Because the stack framework pointer always points to the stack base address of the current function, access to parameters and local variables is usually in the following form:
+ 8 + XX (% EBP); function entry parameter access
-XX (% EBP); Function Local variable access
If function a calls function B and function B calls Function C, the function stack framework and call relationship are shown in:
+ ------------------------- + ----> High address
| EIP (the address returned by the upper-level function) |
+ ------------------------- +
+ --> | EBP (EBP of the upper-level function) | -- + <------ EBP of the current function a (that is, SFP framework pointer)
| + ------------------------- ++ --> Offset
| Local variables |
| ...... | -- + <------ ESP points to the new local variable assigned by function A. local variables can be accessed through EBP-offset a of function.
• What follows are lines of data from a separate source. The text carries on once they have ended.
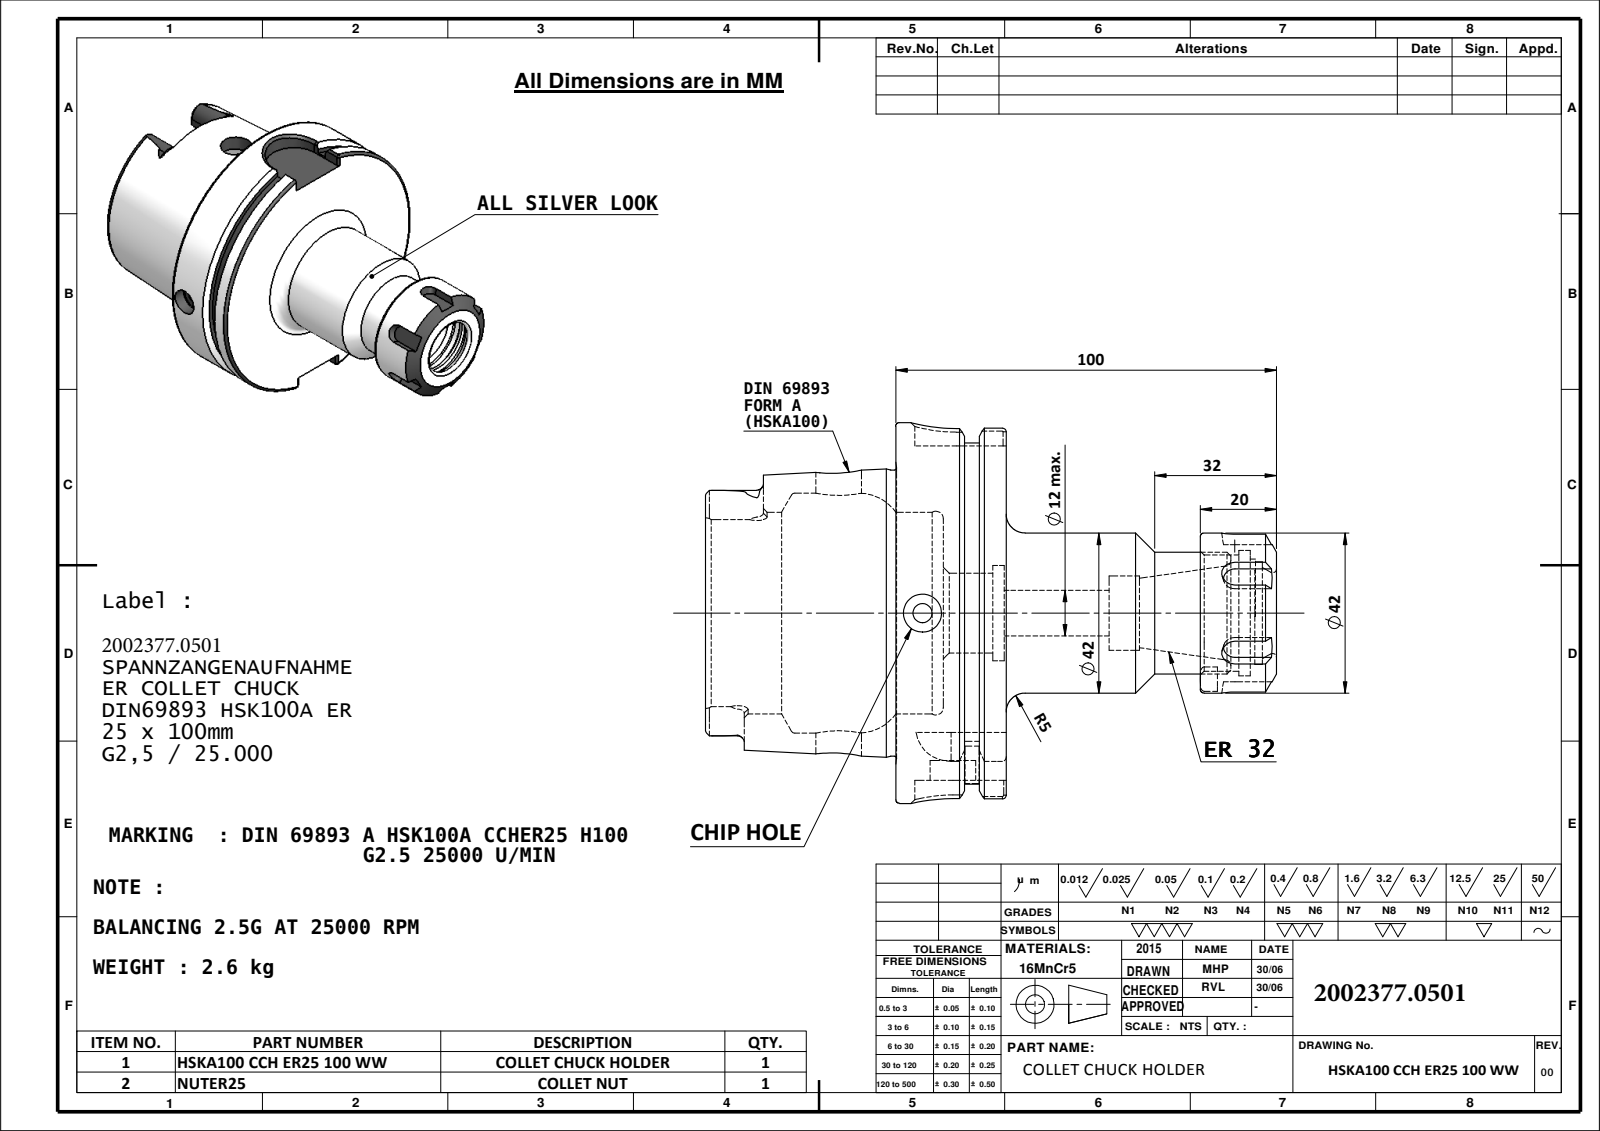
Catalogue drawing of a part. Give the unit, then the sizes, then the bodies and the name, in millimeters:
Units: millimetres
Overall size (bounding box): 150 × 100 × 100
Round holes (diameter × count): ⌀12 ×3, ⌀10 ×1, ⌀19.5 ×1, ⌀21 ×1, ⌀25 ×1, ⌀25.8 ×1, ⌀27 ×1, ⌀30.5 ×1, ⌀33 ×1, ⌀53 ×1, ⌀63 ×1
Round bosses / shafts (diameter × count): ⌀100 ×1, ⌀92 ×1, ⌀75.16 ×1, ⌀42 ×1, ⌀32 ×1
Partial cylindrical surfaces — rounded edges, fillets, slot ends (radius × count): R1.8 ×6, R4.88 ×4, R10 ×2, R11 ×1
Main face-to-face distances: 29, 12.5, 16.5, 62.5, 50, 79, 20, 64.6, 130, 80
Hole centre spacings: 1.5, 30
Volume: 321 123 mm³ · Surface area: 65 816 mm²
Bodies: 2 solids, 234 faces (81 planar, 62 cylindrical, 91 other)
Part name (STEP PRODUCT): HSKA100 CCH ER25 100 WW; 91100A-ER8 25100; FTNUTER25
STEP written by: SolidWorks 2009 (CONFIG_CONTROL_DESIGN)

| F + ------------------------- +
| R | arg N (nth parameter of function B) |
| A + ------------------------- +
| M | arg. (The. Parameter of function B) |
| E + ------------------------- +
| Arg 1 (the 1st parameters of function B) |
| O + ------------------------- +
| F | arg 0 (0th parameters of function B) | -- + <------ parameters of function B can be accessed by EBP + offset B of function B.
| + ------------------------- ++ --> Offset B
| A | EIP (return address of function a) |
| + ------------------------- + -- +
+ --- | EBP (EBP of function a) | <-- + <------ EBP of function B (SFP framework pointer)
+ ------------------------- + |
| Local variables |
| ...... ||||<------ ESP points to the newly allocated local variable of function B
+ ------------------------- + |
| Arg n (n parameter of Function C) |
+ ------------------------- + |
| Arg. (The. Parameter of Function C) |
+ ------------------------- + --> Frame of B
| Arg 1 (the 1st parameters of Function C) |
+ ------------------------- + |
| Arg 0 (0th parameters of Function C) |
+ ------------------------- + |
| EIP (return address of function B) |
+ ------------------------- + |
+ --> | EBP (EBP of function B) | -- + <------ EBP of Function C (SFP framework pointer)
| + ------------------------- +
| Local variables |
| ...... | <------ ESP points to the newly allocated local variable of Function C.
| + ------------------------- + ----> Low address
Frame of C
Figure 1-1
Analyze the meaning of the remaining statement in the test1 disassembly result:
# MDB test1
Loading modules: [libc. so.1]
> Main: DIS; disassemble the main function
Main: pushl % EBP
Main + 1: movl % ESP, % EBP; create a stack frame)
Main + 3: subl $8, % ESP; allocate 8-byte stack space via ESP-8
Main + 6: andl $0xf0, % ESP; alignment the stack address in 16 bytes
Main + 9: movl $0, % eax; meaningless
Main + 0xe: subl % eax, % ESP; meaningless
Main + 0x10: movl $0, % eax; set the return value of the Main Function
Main + 0x15: Leave; Undo stack frame (stack frame)
Main + 0x16: ret; the main function returns
>
The following two statements seem meaningless. Are they true?
Movl $0, % eax
Subl % eax, % ESP
Recompile test1.c with GCC's O2-level optimization:
# Gcc-O2 test1.c-O test1
# MDB test1
> Main: dis
Main: pushl % EBP
Main + 1: movl % ESP, % EBP
Main + 3: subl $8, % ESP
Main + 6: andl $0xf0, % ESP
Main + 9: xorl % eax, % eax; set the main return value. Use xorl exception or command to set eax to 0.
Main + 0xb: Leave
Main + 0xc: Ret
>
The new disassembly results are more concise than the original results. The previously considered useless statements were optimized and further verified.